== What you need to do ==
Say how many lines of the data below have the word "Throttle" in them. Add nothing else.

(Items from a data source)
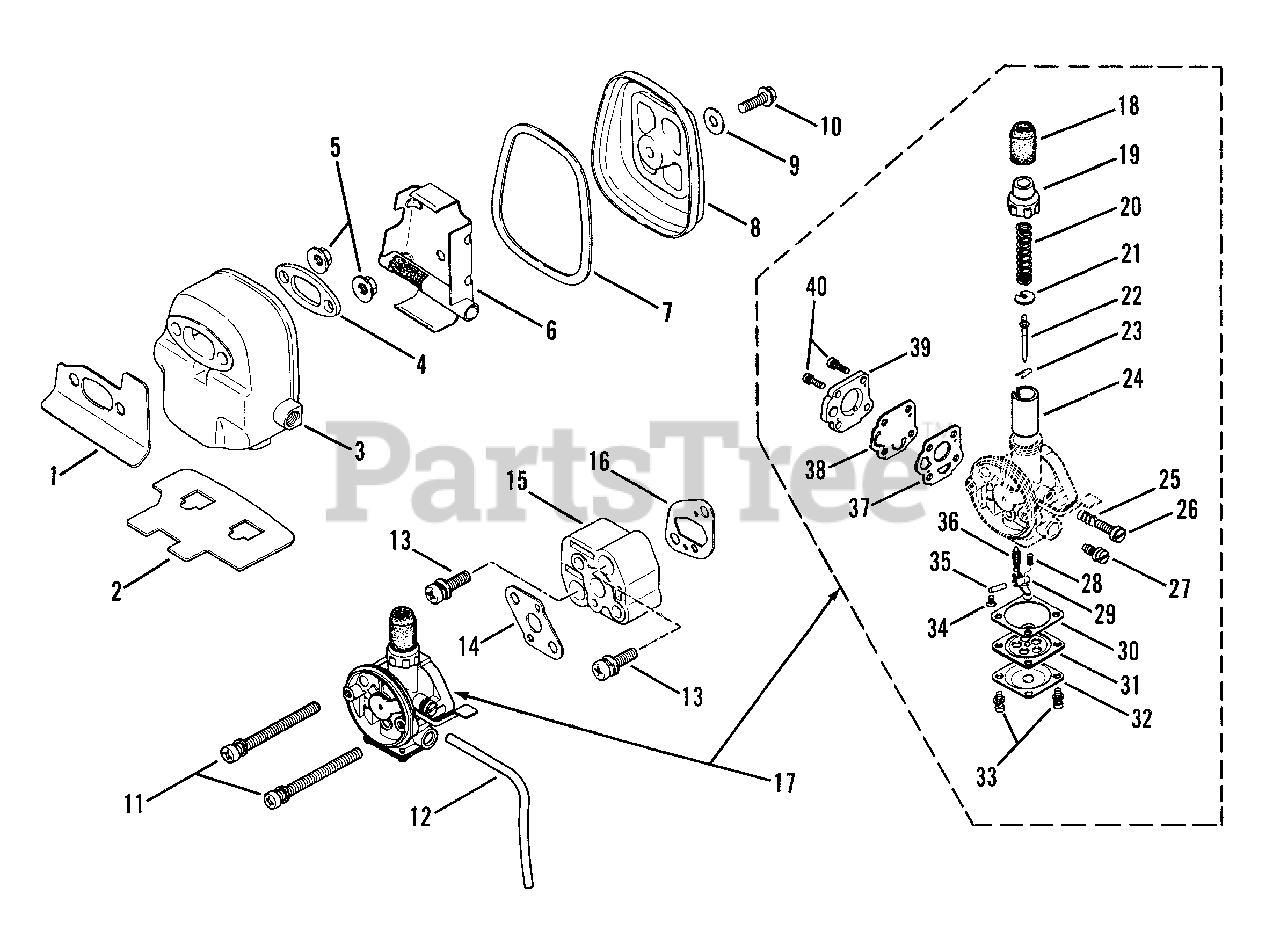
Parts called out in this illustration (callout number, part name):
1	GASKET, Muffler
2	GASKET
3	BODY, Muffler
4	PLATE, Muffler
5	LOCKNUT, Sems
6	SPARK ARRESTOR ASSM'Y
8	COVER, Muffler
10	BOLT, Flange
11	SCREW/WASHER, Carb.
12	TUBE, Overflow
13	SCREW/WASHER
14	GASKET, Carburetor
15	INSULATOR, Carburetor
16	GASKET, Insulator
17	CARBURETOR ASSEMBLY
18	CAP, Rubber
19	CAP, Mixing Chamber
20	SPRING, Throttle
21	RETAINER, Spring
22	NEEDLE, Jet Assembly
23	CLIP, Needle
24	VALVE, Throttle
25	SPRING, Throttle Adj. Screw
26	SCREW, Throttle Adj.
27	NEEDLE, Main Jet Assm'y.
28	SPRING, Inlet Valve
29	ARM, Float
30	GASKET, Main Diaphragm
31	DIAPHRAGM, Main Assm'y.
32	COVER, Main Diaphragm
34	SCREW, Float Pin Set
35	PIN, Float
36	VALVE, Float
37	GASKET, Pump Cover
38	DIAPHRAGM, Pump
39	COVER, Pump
==
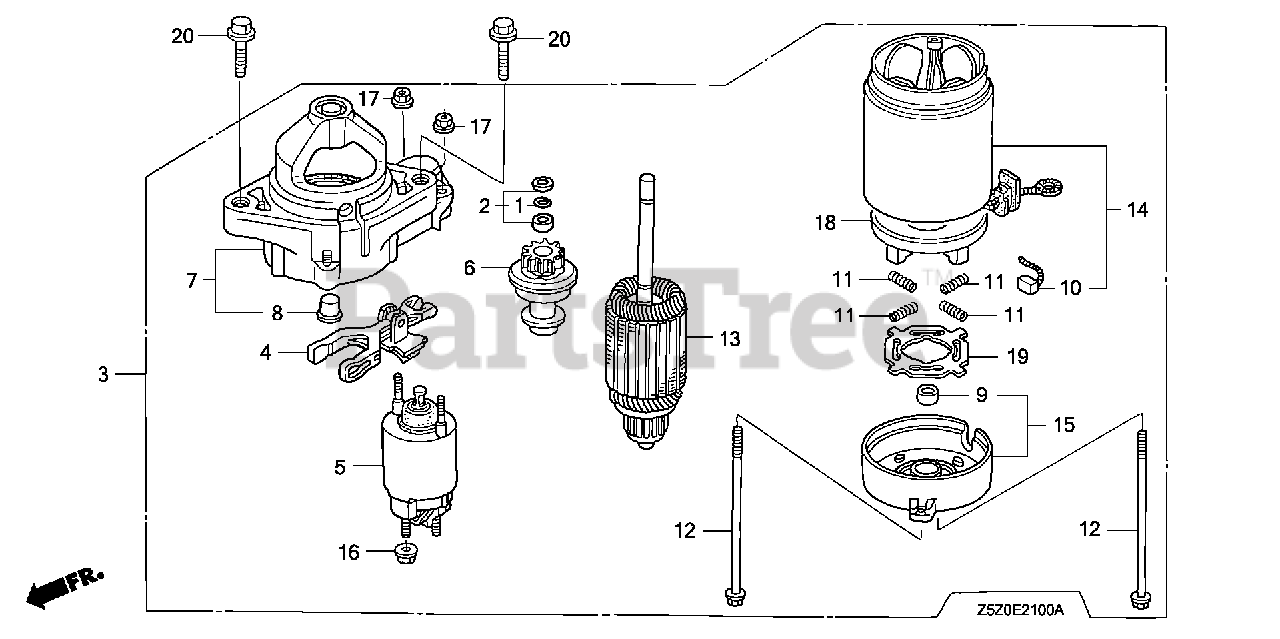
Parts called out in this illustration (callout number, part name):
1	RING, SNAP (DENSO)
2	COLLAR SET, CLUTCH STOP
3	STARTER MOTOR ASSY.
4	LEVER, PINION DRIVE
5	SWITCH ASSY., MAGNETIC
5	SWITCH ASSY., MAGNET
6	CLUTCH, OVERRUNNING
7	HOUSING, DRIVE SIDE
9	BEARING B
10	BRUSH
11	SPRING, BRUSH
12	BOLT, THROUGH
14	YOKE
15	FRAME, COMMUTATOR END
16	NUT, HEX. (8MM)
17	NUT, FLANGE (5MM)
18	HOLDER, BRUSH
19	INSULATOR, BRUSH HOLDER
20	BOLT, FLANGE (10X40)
...
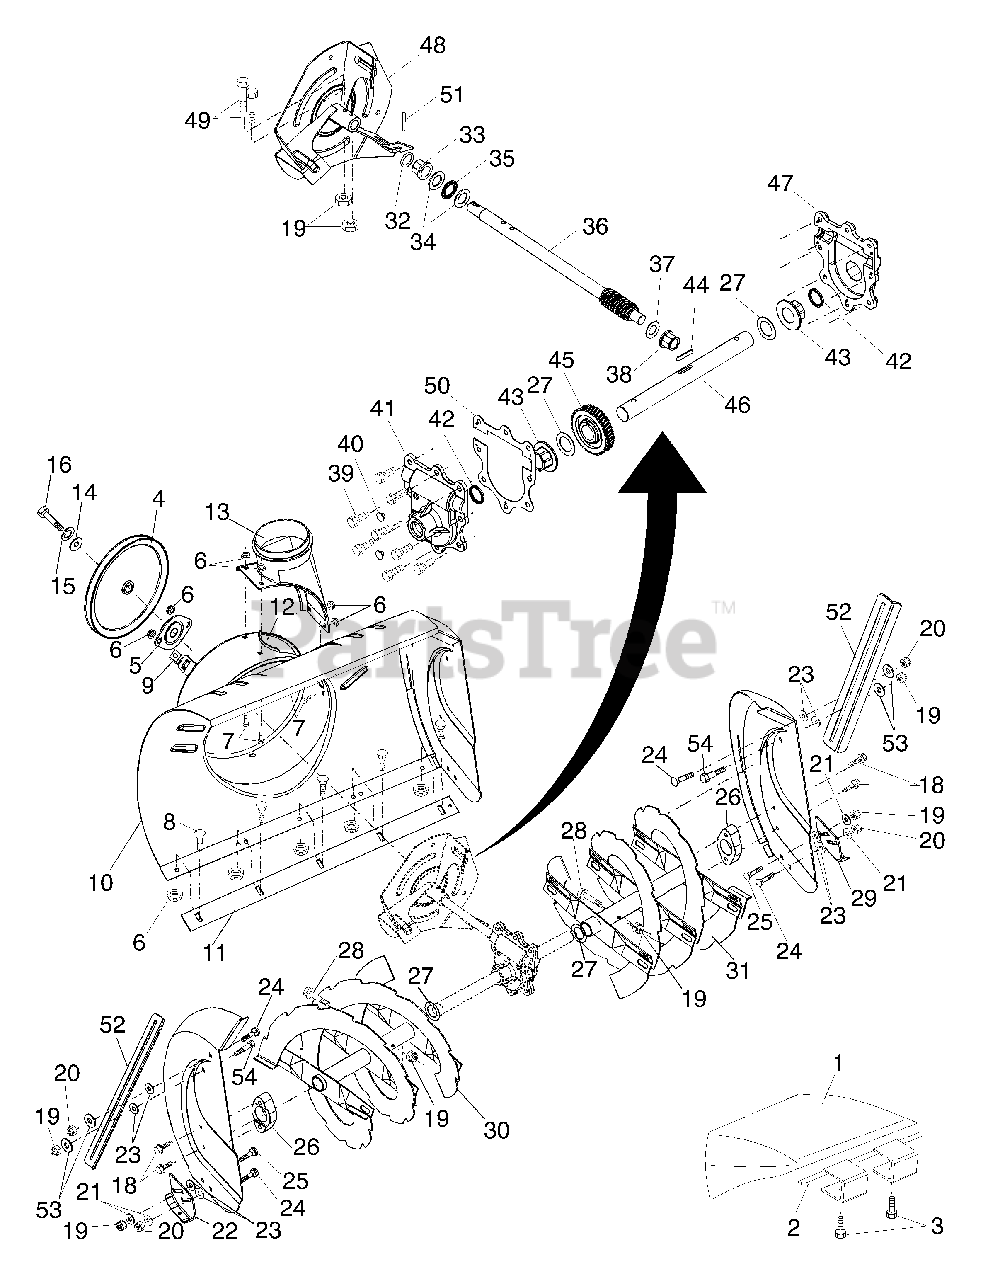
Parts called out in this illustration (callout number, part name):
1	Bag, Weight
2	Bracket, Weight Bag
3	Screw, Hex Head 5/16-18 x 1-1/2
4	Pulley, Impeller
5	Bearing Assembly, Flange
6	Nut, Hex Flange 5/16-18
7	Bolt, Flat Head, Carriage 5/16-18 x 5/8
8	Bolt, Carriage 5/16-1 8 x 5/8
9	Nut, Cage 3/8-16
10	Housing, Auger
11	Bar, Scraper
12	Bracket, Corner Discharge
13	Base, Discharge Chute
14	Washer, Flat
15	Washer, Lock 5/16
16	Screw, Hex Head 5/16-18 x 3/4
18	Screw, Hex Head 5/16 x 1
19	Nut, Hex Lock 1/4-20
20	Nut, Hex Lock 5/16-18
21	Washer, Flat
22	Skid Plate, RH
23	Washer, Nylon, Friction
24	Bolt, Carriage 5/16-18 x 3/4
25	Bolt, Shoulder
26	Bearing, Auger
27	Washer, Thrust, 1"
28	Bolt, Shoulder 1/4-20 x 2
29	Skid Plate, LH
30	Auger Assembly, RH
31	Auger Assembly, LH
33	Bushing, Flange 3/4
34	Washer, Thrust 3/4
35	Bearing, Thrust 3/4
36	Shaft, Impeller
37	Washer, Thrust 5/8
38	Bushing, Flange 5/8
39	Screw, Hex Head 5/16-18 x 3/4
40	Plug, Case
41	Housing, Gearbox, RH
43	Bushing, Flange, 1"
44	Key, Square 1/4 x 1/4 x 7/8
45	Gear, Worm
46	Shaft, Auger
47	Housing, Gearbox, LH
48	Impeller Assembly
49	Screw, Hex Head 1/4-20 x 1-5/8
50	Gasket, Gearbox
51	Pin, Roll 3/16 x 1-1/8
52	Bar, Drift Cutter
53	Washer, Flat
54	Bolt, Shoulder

== Problem solution ==
4